## Materials provided
»»

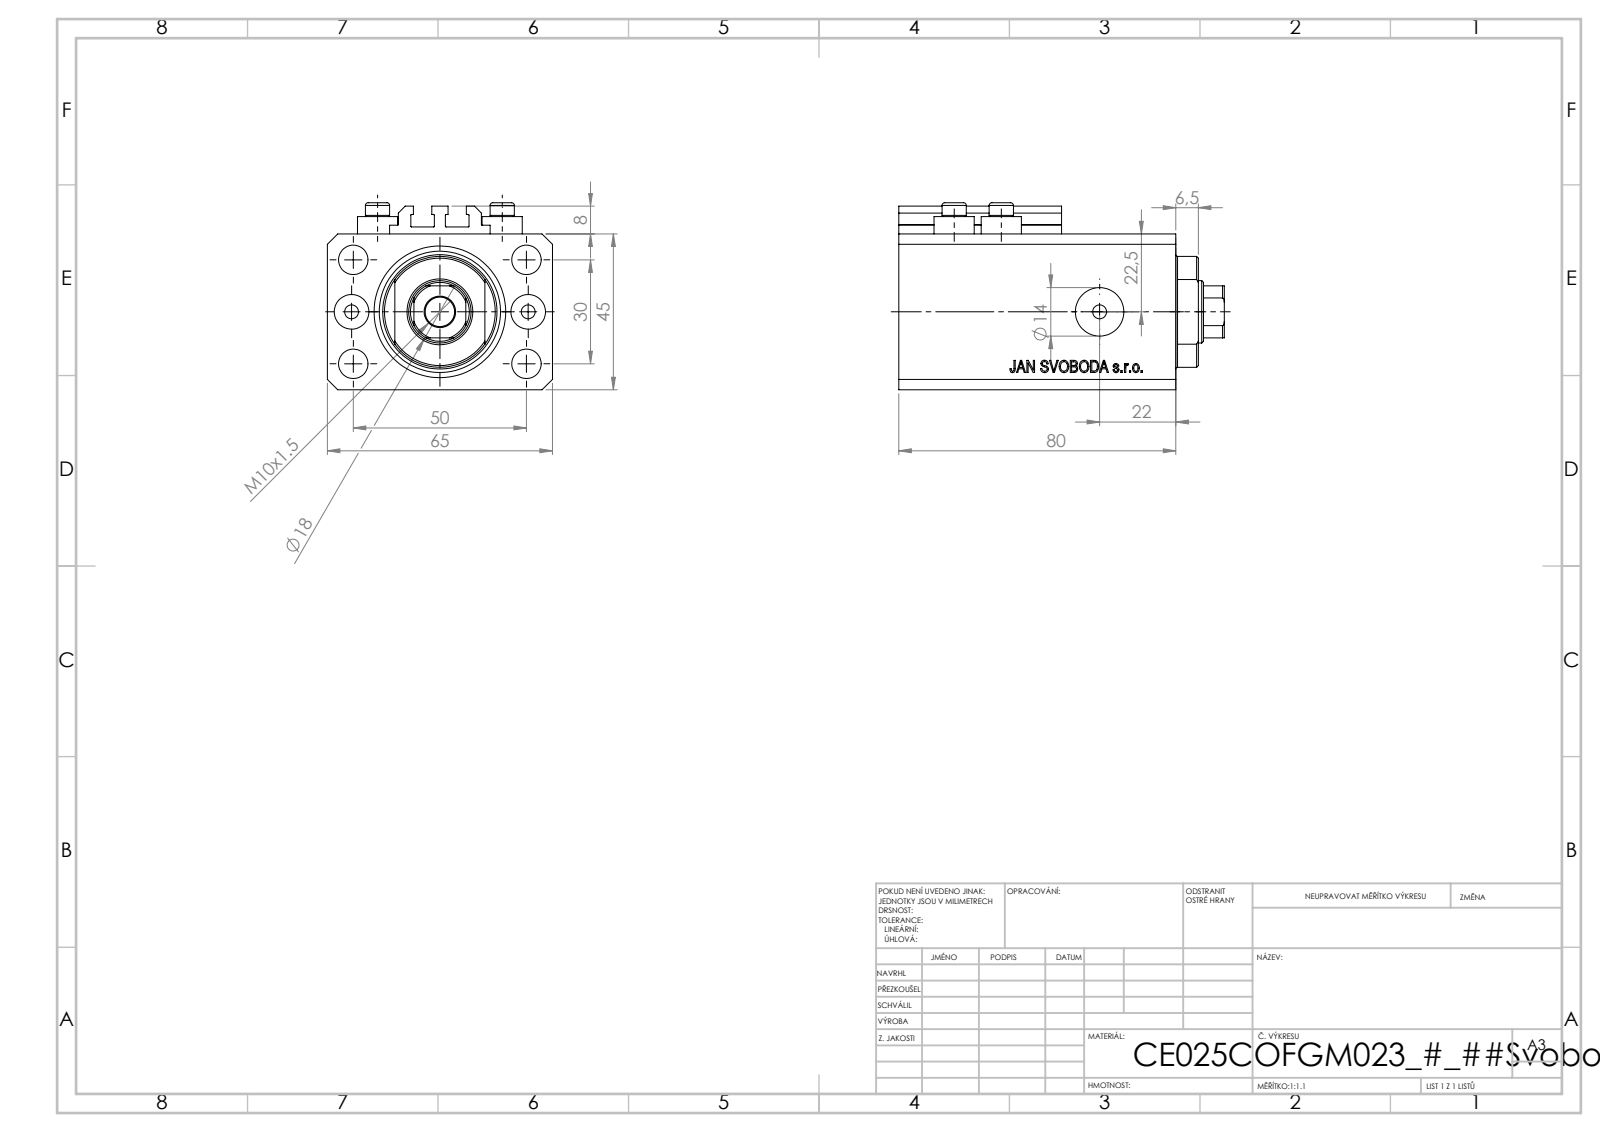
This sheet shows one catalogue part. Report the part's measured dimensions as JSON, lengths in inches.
{"part_name": "ALLEN BOLT V250CE; V250CE_VC_C; V250CE_C_Body; V250CE_C_VCP", "step_written_by": "SolidWorks 2019 (CONFIG_CONTROL_DESIGN)", "units": "inches", "bodies": {"solids": 8, "faces": 1034, "planar": 504, "cylindrical": 86, "other": 444}, "overall_size": [3.701, 2.559, 2.126], "volume_in3": 13.4, "surface_area_in2": 91.35, "round_holes": [[0.157, 8], [0.335, 5], [0.394, 2], [0.551, 2], [0.709, 1], [0.984, 1], [1.496, 1]], "round_bosses_or_shafts": [[0.457, 4], [0.276, 4]], "partial_cylinders_radius": [[0.008, 10], [0.335, 1], [0.63, 1]], "face_to_face_distances": [1.772, 2.559, 0.551, 2.598, 3.15, 1.85, 0.272, 2.327, 2.878, 0.118], "hole_center_spacings": [0.591, 1.148, 2.074, 1.417, 0.535, 1.004, 1.181, 1.515]}
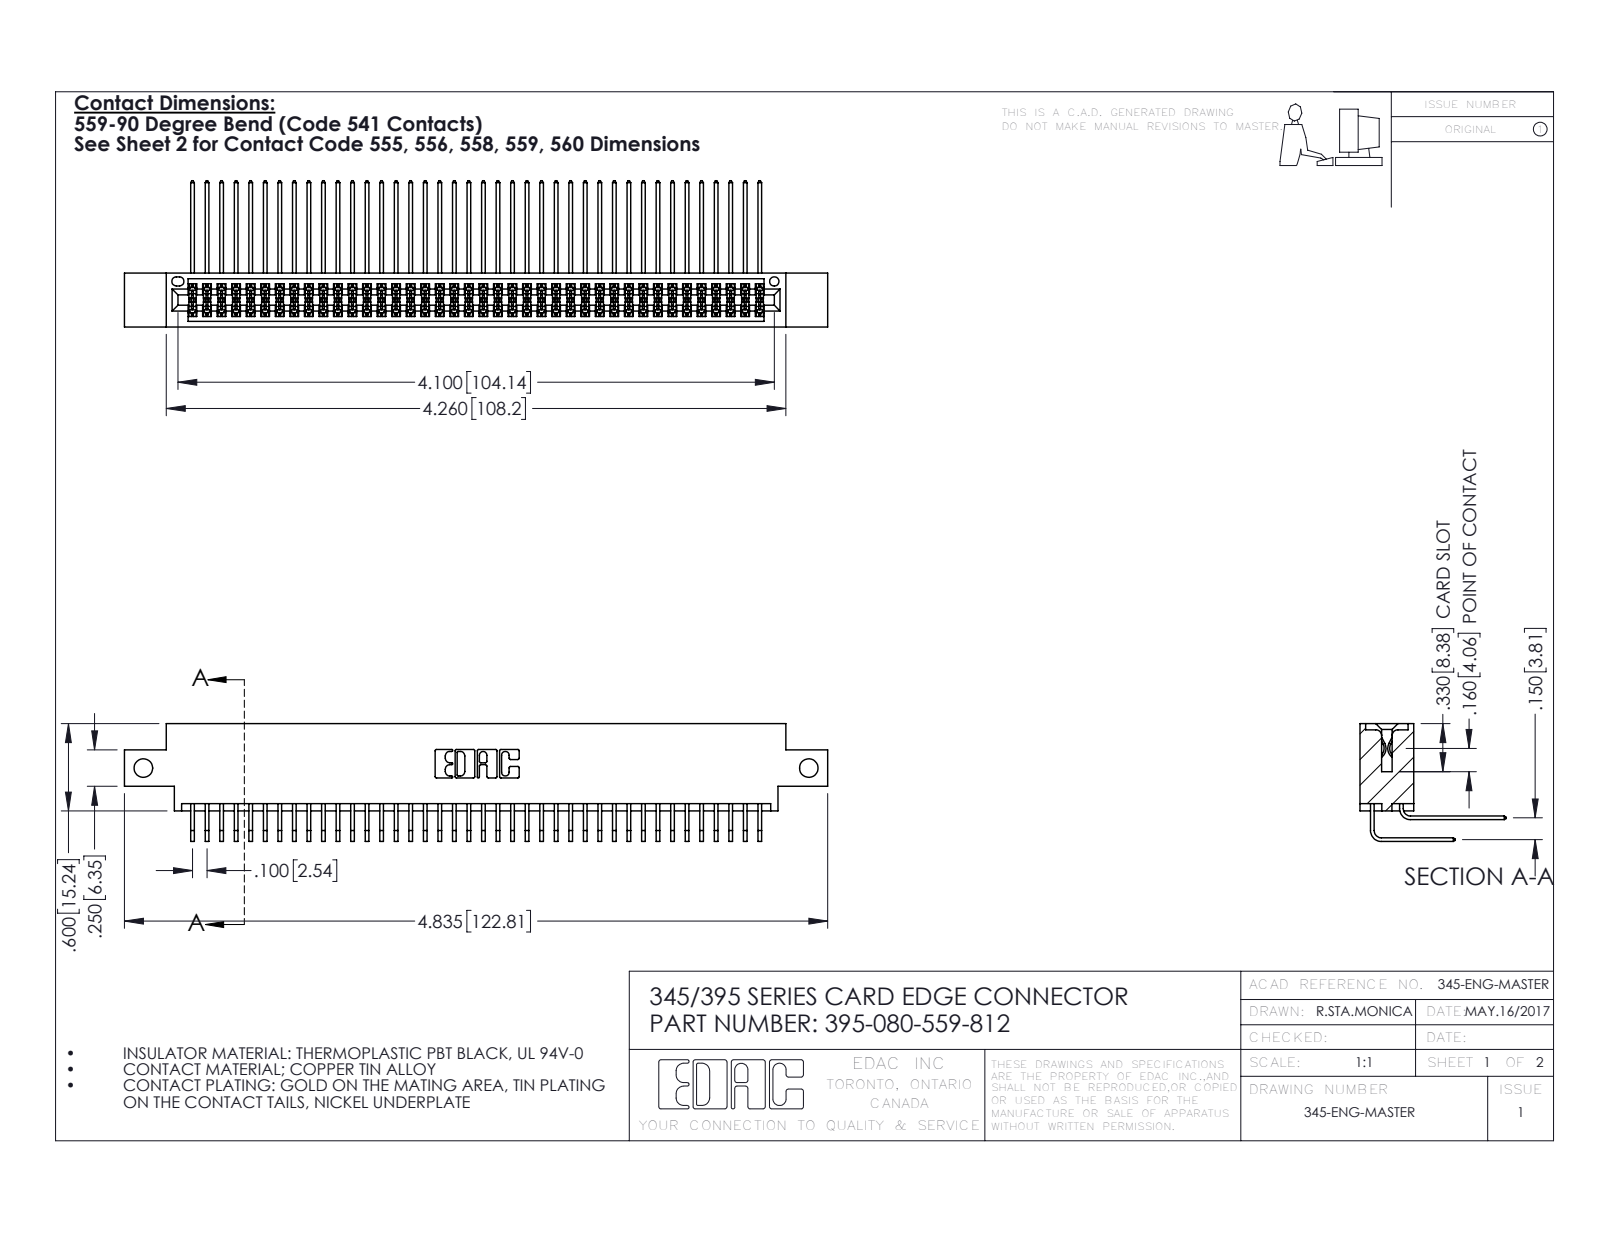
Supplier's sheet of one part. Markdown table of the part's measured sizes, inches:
| quantity | value |
| --- | --- |
| part name | 345-292-001_558 559 Tail - 1; 345-292-001_559 Tail - 2; 345 Part_0.170 Offset - Side Mount; 395-080-559-812 |
| STEP written by | SolidWorks 2016 (CONFIG_CONTROL_DESIGN) |
| units | inches |
| bodies | 81 solids, 4290 faces (2884 planar, 1406 cylindrical, 0 other) |
| overall size | 4.835 × 1.005 × 0.809 |
| volume | 0.743 in³ |
| surface area | 31.2 in² |
| round holes (diameter × count) | 0.128 × 2, 0.064 × 1 |
| partial cylindrical surfaces (radius × count) | 0.006 × 120, 0.01 × 22, 0.007 × 6, 0.031 × 6, 0.026 × 3, 0.014 × 2, 0.019 × 2, 0.022 × 2 |
| main face-to-face distances | 0.072, 0.298, 0.37, 0.2, 0.098, 0.272, 0.025, 0.225, 0.175, 0.15 |
| hole center spacings | 4.575 |

««

## Your assignment
Show all lines from the data above in which the word "count" appears.

## Exercise output
| round holes (diameter × count) | 0.128 × 2, 0.064 × 1 |
| partial cylindrical surfaces (radius × count) | 0.006 × 120, 0.01 × 22, 0.007 × 6, 0.031 × 6, 0.026 × 3, 0.014 × 2, 0.019 × 2, 0.022 × 2 |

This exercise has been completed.